Segment Open

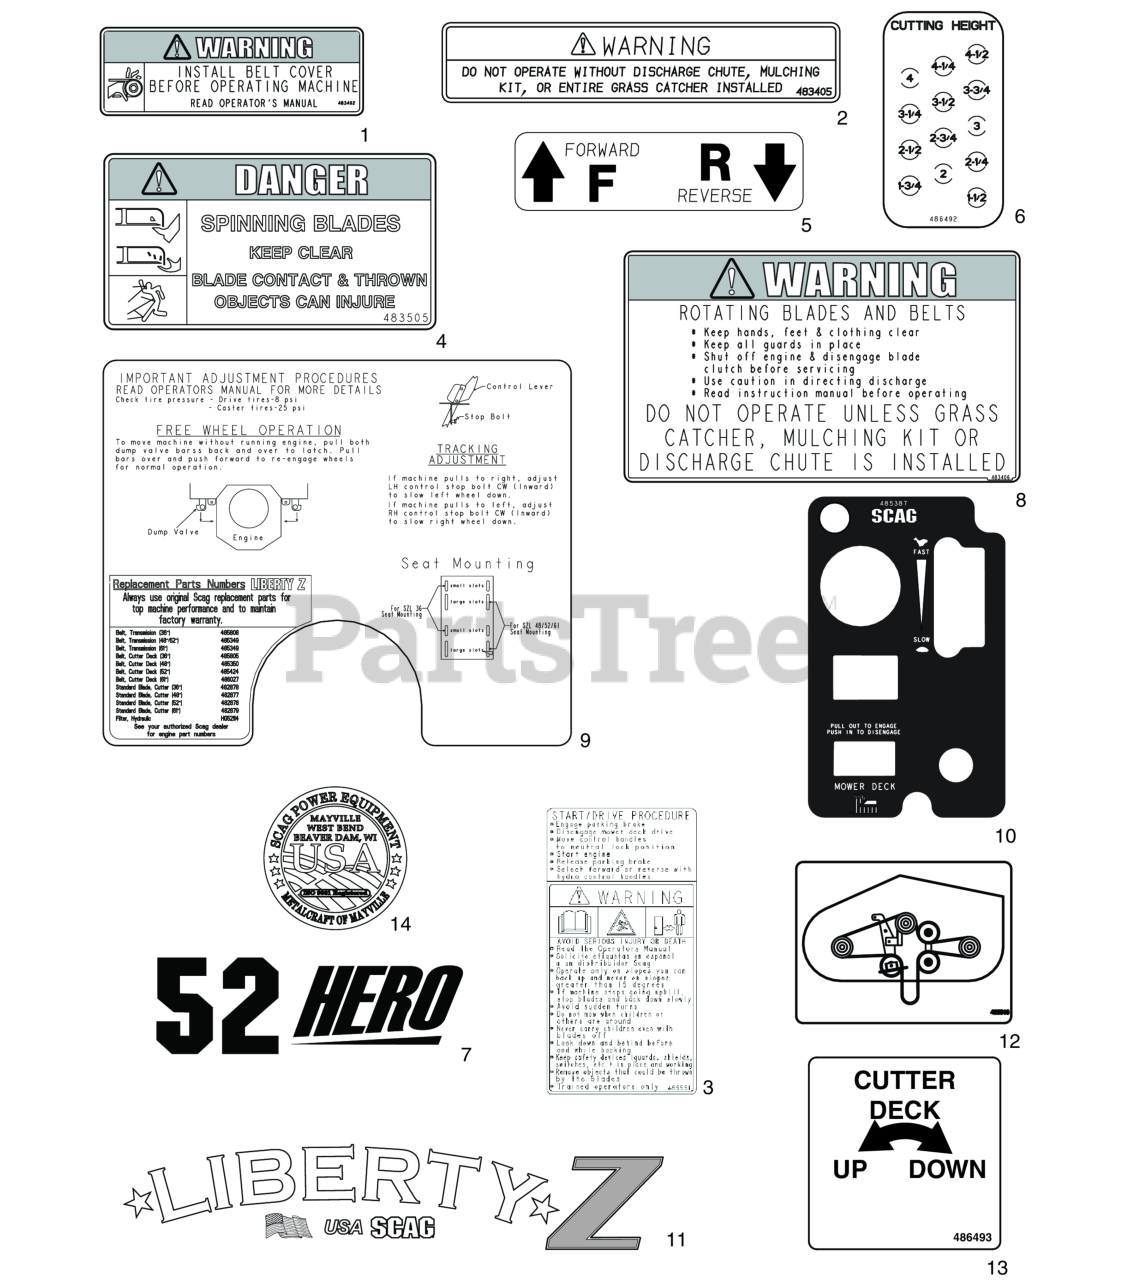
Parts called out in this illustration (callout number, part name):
1	Decal, Warning - Belt Cover
2	Decal, Warning-Discharge
3	Decal, Start/Drive
4	Decal, Spinning Blades
5	Decal, Traction Control
6	Decal, Height of Cut
7	Decal, 48 Hero
8	Decal, Warning - Rotating Blades
9	Decal, Adjustments - SZL
10	Decal, Instrument Panel - SZL (48 & 52)
11	Decal. Liberty Z - Fuel Tank
12	Decal, SZL / SFZ / SPZ Belt Routing
13	Decal, Cutter Deck Lift Control
14	Decal, Metalcraft - USA

Segment Closed

**What is being asked:**
A faithful, word-for-word copy of the records above, pictures left out, is the answer.

**Result of this task:**
Parts called out in this illustration (callout number, part name):
1	Decal, Warning - Belt Cover
2	Decal, Warning-Discharge
3	Decal, Start/Drive
4	Decal, Spinning Blades
5	Decal, Traction Control
6	Decal, Height of Cut
7	Decal, 48 Hero
8	Decal, Warning - Rotating Blades
9	Decal, Adjustments - SZL
10	Decal, Instrument Panel - SZL (48 & 52)
11	Decal. Liberty Z - Fuel Tank
12	Decal, SZL / SFZ / SPZ Belt Routing
13	Decal, Cutter Deck Lift Control
14	Decal, Metalcraft - USA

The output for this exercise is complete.